Richardson: Wait, those men were flawed, as are all human beings, and they had a set of principles that established this nation. And yes, we have to grapple with that. If we start requiring them to be perfect we're going to have to take down every statue in America because there are almost no men who are on statues who believed in equal rights for women. So if we're going to start sanitizing things we're left with no heroes. But that is different than the Confederate monuments and they must be contextualized or gotten rid of because they tried to destroy this country.

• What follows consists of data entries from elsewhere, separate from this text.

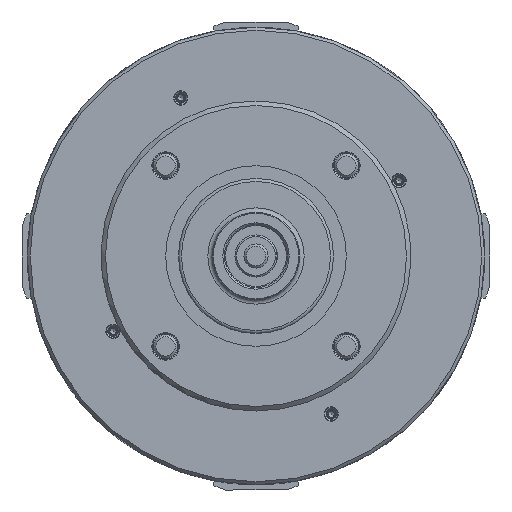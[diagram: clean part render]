
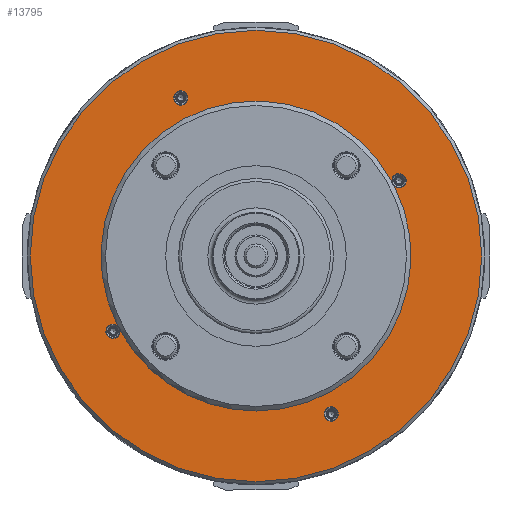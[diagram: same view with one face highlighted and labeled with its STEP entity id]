
A CAD part, left-side view. The second image highlights one B-rep face of the part: STEP entity #13795.
In plain terms, the highlighted planar face has unit normal (-1, 0, 0).
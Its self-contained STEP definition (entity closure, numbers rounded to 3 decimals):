
#334 = AXIS2_PLACEMENT_3D ( 'NONE', #35422, #9974, #78847 ) ;
#999 = CARTESIAN_POINT ( 'NONE',  ( -107., 91.997, -46.319 ) ) ;
#1982 = AXIS2_PLACEMENT_3D ( 'NONE', #15794, #94191, #111105 ) ;
#3583 = EDGE_CURVE ( 'NONE', #42341, #5811, #41574, .T. ) ;
#5160 = CARTESIAN_POINT ( 'NONE',  ( -107., 0., -150. ) ) ;
#5811 = VERTEX_POINT ( 'NONE', #35730 ) ;
#6583 = EDGE_CURVE ( 'NONE', #82471, #82471, #93008, .T. ) ;
#7649 = DIRECTION ( 'NONE',  ( 1., 0., 0. ) ) ;
#9974 = DIRECTION ( 'NONE',  ( 1., 0., 0. ) ) ;
#10991 = DIRECTION ( 'NONE',  ( 1., 0., 0. ) ) ;
#12220 = VERTEX_POINT ( 'NONE', #46703 ) ;
#13795 = ADVANCED_FACE ( 'NONE', ( #99072, #97955, #105850, #21786 ), #56197, .F. ) ;
#15794 = CARTESIAN_POINT ( 'NONE',  ( -107., 0., 0. ) ) ;
#17286 = EDGE_CURVE ( 'NONE', #33930, #33930, #103857, .T. ) ;
#21786 = FACE_BOUND ( 'NONE', #62277, .T. ) ;
#23498 = AXIS2_PLACEMENT_3D ( 'NONE', #49306, #56604, #73558 ) ;
#24637 = AXIS2_PLACEMENT_3D ( 'NONE', #50607, #7649, #108686 ) ;
#27785 = DIRECTION ( 'NONE',  ( 0., 0., -1. ) ) ;
#33648 = EDGE_CURVE ( 'NONE', #101081, #42341, #79681, .T. ) ;
#33930 = VERTEX_POINT ( 'NONE', #67771 ) ;
#34022 = CARTESIAN_POINT ( 'NONE',  ( -107., -95., 50. ) ) ;
#34759 = CARTESIAN_POINT ( 'NONE',  ( -107., 0., 0. ) ) ;
#35422 = CARTESIAN_POINT ( 'NONE',  ( -107., 95., -50. ) ) ;
#35730 = CARTESIAN_POINT ( 'NONE',  ( -107., 90.266, -49.609 ) ) ;
#38135 = ORIENTED_EDGE ( 'NONE', *, *, #6583, .F. ) ;
#39996 = CIRCLE ( 'NONE', #47155, 4.75 ) ;
#41574 = CIRCLE ( 'NONE', #23498, 103. ) ;
#42341 = VERTEX_POINT ( 'NONE', #105698 ) ;
#44329 = EDGE_CURVE ( 'NONE', #5811, #87950, #83251, .T. ) ;
#45005 = CARTESIAN_POINT ( 'NONE',  ( -107., -103., 0. ) ) ;
#45052 = AXIS2_PLACEMENT_3D ( 'NONE', #45005, #63545, #45552 ) ;
#45552 = DIRECTION ( 'NONE',  ( 0., 0., -1. ) ) ;
#46471 = EDGE_LOOP ( 'NONE', ( #57041 ) ) ;
#46703 = CARTESIAN_POINT ( 'NONE',  ( -107., -50., -109.75 ) ) ;
#47155 = AXIS2_PLACEMENT_3D ( 'NONE', #96969, #71040, #62563 ) ;
#49306 = CARTESIAN_POINT ( 'NONE',  ( -107., 0., 0. ) ) ;
#50607 = CARTESIAN_POINT ( 'NONE',  ( -107., 50., 105. ) ) ;
#52023 = CARTESIAN_POINT ( 'NONE',  ( -107., -90.266, 49.609 ) ) ;
#52445 = CIRCLE ( 'NONE', #1982, 103. ) ;
#56197 = PLANE ( 'NONE',  #45052 ) ;
#56604 = DIRECTION ( 'NONE',  ( 1., 0., 0. ) ) ;
#57041 = ORIENTED_EDGE ( 'NONE', *, *, #17286, .T. ) ;
#62277 = EDGE_LOOP ( 'NONE', ( #62935, #64979, #110278, #89736 ) ) ;
#62563 = DIRECTION ( 'NONE',  ( 0., 0., -1. ) ) ;
#62935 = ORIENTED_EDGE ( 'NONE', *, *, #3583, .T. ) ;
#63545 = DIRECTION ( 'NONE',  ( 1., 0., 0. ) ) ;
#64979 = ORIENTED_EDGE ( 'NONE', *, *, #44329, .T. ) ;
#67771 = CARTESIAN_POINT ( 'NONE',  ( -107., 50., 100.25 ) ) ;
#69251 = EDGE_LOOP ( 'NONE', ( #108295 ) ) ;
#70278 = DIRECTION ( 'NONE',  ( 0., 0., -1. ) ) ;
#71040 = DIRECTION ( 'NONE',  ( 1., 0., 0. ) ) ;
#73558 = DIRECTION ( 'NONE',  ( 0., 0., -1. ) ) ;
#76896 = DIRECTION ( 'NONE',  ( 1., 0., 0. ) ) ;
#78847 = DIRECTION ( 'NONE',  ( 0., 0., -1. ) ) ;
#79681 = CIRCLE ( 'NONE', #86840, 4.75 ) ;
#82471 = VERTEX_POINT ( 'NONE', #5160 ) ;
#83251 = CIRCLE ( 'NONE', #334, 4.75 ) ;
#86840 = AXIS2_PLACEMENT_3D ( 'NONE', #34022, #76896, #27785 ) ;
#87950 = VERTEX_POINT ( 'NONE', #999 ) ;
#89736 = ORIENTED_EDGE ( 'NONE', *, *, #33648, .T. ) ;
#93008 = CIRCLE ( 'NONE', #107417, 150. ) ;
#94191 = DIRECTION ( 'NONE',  ( 1., 0., 0. ) ) ;
#96969 = CARTESIAN_POINT ( 'NONE',  ( -107., -50., -105. ) ) ;
#97955 = FACE_BOUND ( 'NONE', #46471, .T. ) ;
#99072 = FACE_BOUND ( 'NONE', #69251, .T. ) ;
#101081 = VERTEX_POINT ( 'NONE', #52023 ) ;
#103857 = CIRCLE ( 'NONE', #24637, 4.75 ) ;
#104952 = EDGE_LOOP ( 'NONE', ( #38135 ) ) ;
#105698 = CARTESIAN_POINT ( 'NONE',  ( -107., -91.997, 46.319 ) ) ;
#105850 = FACE_OUTER_BOUND ( 'NONE', #104952, .T. ) ;
#105954 = EDGE_CURVE ( 'NONE', #87950, #101081, #52445, .T. ) ;
#106079 = EDGE_CURVE ( 'NONE', #12220, #12220, #39996, .T. ) ;
#107417 = AXIS2_PLACEMENT_3D ( 'NONE', #34759, #10991, #70278 ) ;
#108295 = ORIENTED_EDGE ( 'NONE', *, *, #106079, .T. ) ;
#108686 = DIRECTION ( 'NONE',  ( 0., 0., -1. ) ) ;
#110278 = ORIENTED_EDGE ( 'NONE', *, *, #105954, .T. ) ;
#111105 = DIRECTION ( 'NONE',  ( 0., 0., -1. ) ) ;

Horwitz: After the Civil War, this mythology grew up in the south that attempted essentially to rewrite history and say that the Confederate cause was not about slavery, it was about defense of sovereignty against northern aggression and federal tyranny and that the war was lost but the cause was right and somehow blameless. I might take the Annette Gordon-Reed view though that it's worth preserving this history as a history of a horrible moment in America when these monuments went up, mostly in the late 19th and early 20th century, at the height of segregation and lynching and in the heart of Jim Crow America as bold statements of white supremacy. It's for every community to decide but I think there's an argument to be made that rather than tear these monuments down and sweep this history under the carpet that we need to remember it and reinterpret, contextualize, to explain the mindset that created these monuments on the question of history.